Pasó que en su ausencia él estaba ausente y en su presencia era emocionalmente un fantasma. Pasó que en su vida no fuí si quiera un nombre, pasó que dejé de esperar... y de la peor de las maneras: sabiendo que no va a llegar.
Pasó que rompieron la visión que tenía de mi, me enseñaron a no castigarme, culparme, a que podrían quererme sin odiarme y valorarme incluso más de lo que yo lo hago.
Pasó que aprendí a vivir sin él, sin la idea que tenía de él, que de un tiempo a esta parte él mismo me enseñó a superarlo.

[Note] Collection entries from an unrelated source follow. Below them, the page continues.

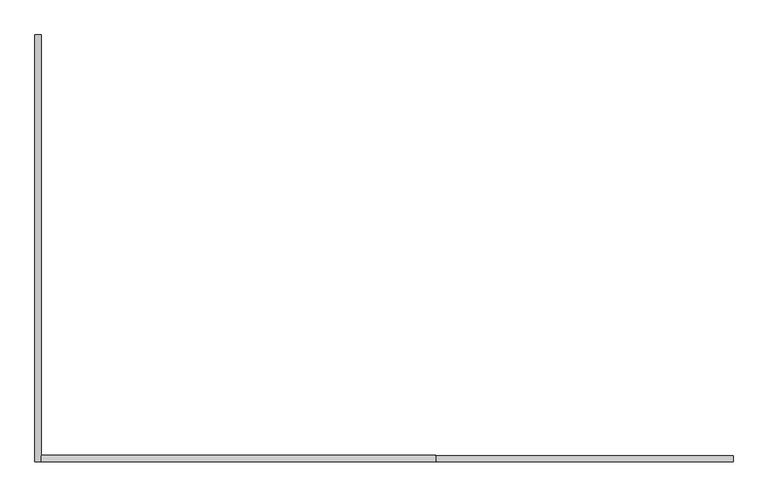
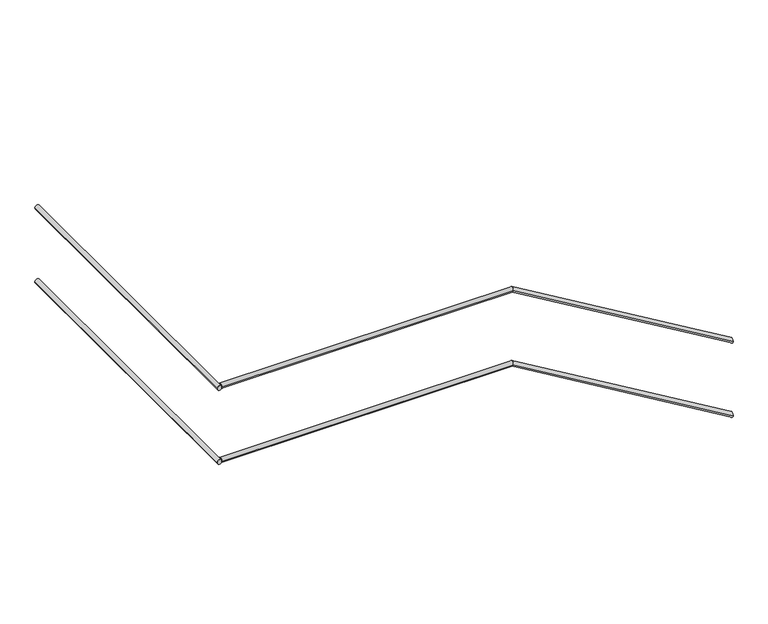
"""IFC4 building model written with IfcOpenShell, lengths in millimetres: railing geometry."""

from ifc_helpers import new_model, si_unit, frame, origin, place, context, project, spatial, circle_curve, ellipse_curve, source, transform, mapped, element, save
from ifc_brep_helpers import plane_surface, cylinder_surface, advanced_brep


def railing_fa6f35d4(model_context):
    return source(origin(), model_context, "Body", "AdvancedBrep", [
        advanced_brep(
        [(29704.7, -1668.0791411, 899.2104532), (29704.7, -1698.0791411, 899.2104532), (28300.5735614, -1668.0791411, 1735.0), (28300.5735614, -1698.0791411, 1735.0), (26440.1, -1668.0791411, 1735.0), (26440.1, -1698.0791411, 1735.0)],
        [
            (0, 1, ellipse_curve(frame((29704.7, -1683.0791411, 899.2104532), z_axis=(1.0, 0.0, 0.0), x_axis=(0.0, 0.0, -1.0)), 17.4562134, 15.0)),
            (1, 0, ellipse_curve(frame((29704.7, -1683.0791411, 899.2104532), z_axis=(1.0, 0.0, 0.0), x_axis=(0.0, 0.0, -1.0)), 17.4562134, 15.0)),
            (0, 2),
            (2, 3, ellipse_curve(frame((28300.5735614, -1683.0791411, 1735.0), z_axis=(0.9641817474962145, 0.0, -0.2652424509673105), x_axis=(-0.26524245096731125, 0.0, -0.9641817474962143)), 15.5572329, 15.0)),
            (3, 1),
            (3, 2, ellipse_curve(frame((28300.5735614, -1683.0791411, 1735.0), z_axis=(0.9641817474962145, 0.0, -0.2652424509673105), x_axis=(-0.26524245096731125, 0.0, -0.9641817474962143)), 15.5572329, 15.0)),
            (4, 5, circle_curve(frame((26440.1, -1683.0791411, 1735.0), z_axis=(-1.0, 0.0, 0.0), x_axis=(0.0, -1.0, 0.0)), 15.0)),
            (5, 4, circle_curve(frame((26440.1, -1683.0791411, 1735.0), z_axis=(-1.0, 0.0, 0.0), x_axis=(0.0, -1.0, 0.0)), 15.0)),
            (2, 4),
            (5, 3),
        ],
        [
            plane_surface(frame((29704.7, -1683.0791411, 916.6666667), z_axis=(1.0, 0.0, 0.0), x_axis=(0.0, -1.0, 0.0))),
            cylinder_surface(frame((29697.0277421, -1683.0791411, 903.7772734), z_axis=(0.8592928844097079, 0.0, -0.5114838597676807), x_axis=(0.0, -1.0, 0.0)), 15.0),
            plane_surface(frame((26440.1, -1683.0791411, 1750.0), z_axis=(-1.0, 0.0, 0.0), x_axis=(0.0, -1.0, 0.0))),
            cylinder_surface(frame((28304.7, -1683.0791411, 1735.0), z_axis=(1.0, 0.0, 0.0), x_axis=(0.0, -1.0, 0.0)), 15.0),
        ],
        [
            (0, [[1, 2]]),
            (1, [[-1, 3, 4, 5]]),
            (1, [[-2, -5, 6, -3]]),
            (2, [[7, 8]]),
            (3, [[-4, 9, -8, 10]]),
            (3, [[-6, -10, -7, -9]]),
        ],
    ),
        advanced_brep(
        [(29704.7, -1668.0791411, 1399.2104532), (29704.7, -1698.0791411, 1399.2104532), (28300.5735614, -1668.0791411, 2235.0), (28300.5735614, -1698.0791411, 2235.0), (26440.1, -1668.0791411, 2235.0), (26440.1, -1698.0791411, 2235.0)],
        [
            (0, 1, ellipse_curve(frame((29704.7, -1683.0791411, 1399.2104532), z_axis=(1.0, 0.0, 0.0), x_axis=(0.0, 0.0, -1.0)), 17.4562134, 15.0)),
            (1, 0, ellipse_curve(frame((29704.7, -1683.0791411, 1399.2104532), z_axis=(1.0, 0.0, 0.0), x_axis=(0.0, 0.0, -1.0)), 17.4562134, 15.0)),
            (0, 2),
            (2, 3, ellipse_curve(frame((28300.5735614, -1683.0791411, 2235.0), z_axis=(0.9641817474962145, 0.0, -0.2652424509673105), x_axis=(-0.26524245096731125, 0.0, -0.9641817474962143)), 15.5572329, 15.0)),
            (3, 1),
            (3, 2, ellipse_curve(frame((28300.5735614, -1683.0791411, 2235.0), z_axis=(0.9641817474962145, 0.0, -0.2652424509673105), x_axis=(-0.26524245096731125, 0.0, -0.9641817474962143)), 15.5572329, 15.0)),
            (4, 5, circle_curve(frame((26440.1, -1683.0791411, 2235.0), z_axis=(-1.0, 0.0, 0.0), x_axis=(0.0, -1.0, 0.0)), 15.0)),
            (5, 4, circle_curve(frame((26440.1, -1683.0791411, 2235.0), z_axis=(-1.0, 0.0, 0.0), x_axis=(0.0, -1.0, 0.0)), 15.0)),
            (2, 4),
            (5, 3),
        ],
        [
            plane_surface(frame((29704.7, -1683.0791411, 1416.6666667), z_axis=(1.0, 0.0, 0.0), x_axis=(0.0, -1.0, 0.0))),
            cylinder_surface(frame((29697.0277421, -1683.0791411, 1403.7772734), z_axis=(0.8592928844097079, 0.0, -0.5114838597676807), x_axis=(0.0, -1.0, 0.0)), 15.0),
            plane_surface(frame((26440.1, -1683.0791411, 2250.0), z_axis=(-1.0, 0.0, 0.0), x_axis=(0.0, -1.0, 0.0))),
            cylinder_surface(frame((28304.7, -1683.0791411, 2235.0), z_axis=(1.0, 0.0, 0.0), x_axis=(0.0, -1.0, 0.0)), 15.0),
        ],
        [
            (0, [[1, 2]]),
            (1, [[-1, 3, 4, 5]]),
            (1, [[-2, -5, 6, -3]]),
            (2, [[7, 8]]),
            (3, [[-4, 9, -8, 10]]),
            (3, [[-6, -10, -7, -9]]),
        ],
    ),
        advanced_brep(
        [(26440.1, -1698.0791411, 1735.0), (26410.1, -1698.0791411, 1735.0), (26440.1, 316.5208589, 1735.0), (26410.1, 316.5208589, 1735.0)],
        [
            (0, 1, circle_curve(frame((26425.1, -1698.0791411, 1735.0), z_axis=(0.0, -1.0, 0.0), x_axis=(-1.0, 0.0, 0.0)), 15.0)),
            (1, 0, circle_curve(frame((26425.1, -1698.0791411, 1735.0), z_axis=(0.0, -1.0, 0.0), x_axis=(-1.0, 0.0, 0.0)), 15.0)),
            (2, 3, circle_curve(frame((26425.1, 316.5208589, 1735.0), z_axis=(0.0, 1.0, 0.0), x_axis=(-1.0, 0.0, 0.0)), 15.0)),
            (3, 2, circle_curve(frame((26425.1, 316.5208589, 1735.0), z_axis=(0.0, 1.0, 0.0), x_axis=(-1.0, 0.0, 0.0)), 15.0)),
            (0, 2),
            (3, 1),
        ],
        [
            plane_surface(frame((26425.1, -1698.0791411, 1750.0), z_axis=(0.0, -1.0, 0.0), x_axis=(0.0, 0.0, 1.0))),
            plane_surface(frame((26425.1, 316.5208589, 1750.0), z_axis=(0.0, 1.0, 0.0), x_axis=(0.0, 0.0, 1.0))),
            cylinder_surface(frame((26425.1, -1698.0791411, 1735.0), z_axis=(0.0, -1.0, 0.0), x_axis=(-1.0, 0.0, 0.0)), 15.0),
        ],
        [
            (0, [[1, 2]]),
            (1, [[3, 4]]),
            (2, [[-1, 5, -4, 6]]),
            (2, [[-2, -6, -3, -5]]),
        ],
    ),
        advanced_brep(
        [(26440.1, -1698.0791411, 2235.0), (26410.1, -1698.0791411, 2235.0), (26440.1, 316.5208589, 2235.0), (26410.1, 316.5208589, 2235.0)],
        [
            (0, 1, circle_curve(frame((26425.1, -1698.0791411, 2235.0), z_axis=(0.0, -1.0, 0.0), x_axis=(-1.0, 0.0, 0.0)), 15.0)),
            (1, 0, circle_curve(frame((26425.1, -1698.0791411, 2235.0), z_axis=(0.0, -1.0, 0.0), x_axis=(-1.0, 0.0, 0.0)), 15.0)),
            (2, 3, circle_curve(frame((26425.1, 316.5208589, 2235.0), z_axis=(0.0, 1.0, 0.0), x_axis=(-1.0, 0.0, 0.0)), 15.0)),
            (3, 2, circle_curve(frame((26425.1, 316.5208589, 2235.0), z_axis=(0.0, 1.0, 0.0), x_axis=(-1.0, 0.0, 0.0)), 15.0)),
            (0, 2),
            (3, 1),
        ],
        [
            plane_surface(frame((26425.1, -1698.0791411, 2250.0), z_axis=(0.0, -1.0, 0.0), x_axis=(0.0, 0.0, 1.0))),
            plane_surface(frame((26425.1, 316.5208589, 2250.0), z_axis=(0.0, 1.0, 0.0), x_axis=(0.0, 0.0, 1.0))),
            cylinder_surface(frame((26425.1, -1698.0791411, 2235.0), z_axis=(0.0, -1.0, 0.0), x_axis=(-1.0, 0.0, 0.0)), 15.0),
        ],
        [
            (0, [[1, 2]]),
            (1, [[3, 4]]),
            (2, [[-1, 5, -4, 6]]),
            (2, [[-2, -6, -3, -5]]),
        ],
    ),
    ])


if __name__ == "__main__":
    model = new_model("IFC4")
    model_context = context("Model", 3, world=origin())
    ifc_project = project(units=[si_unit("LENGTHUNIT", "METRE", prefix="MILLI")], contexts=[model_context])
    site = spatial("IfcSite", under=ifc_project)
    building = spatial("IfcBuilding", under=site)
    placement = place(None, origin())
    railing_shape = railing_fa6f35d4(model_context)
    element("IfcRailing", 1, at=placement, inside=building, context=model_context, shape_type="MappedRepresentation", body=[
        mapped(railing_shape, transform((0.0, 0.0, 0.0), x_axis=(1.0, 0.0, 0.0), y_axis=(0.0, 1.0, 0.0), z_axis=(0.0, 0.0, 1.0))),
    ])
    save(model, "model.ifc")

Pasó que las palabras contraciden las acciones, y que estas últimas hablan por si solas.
Pasó que cada quién siguió su mundo y está bien en él. Y si algún día quiere saber de mi, hablarme o lo que sea, sabe donde encontrarme, aunque siempre lo supo y nunca buscó. El no tener una razón para quedarse es la mejor razón para irse; yo me fui sabiendo que no me iba a detener, así fue. Y esta vez no volví a buscarlo.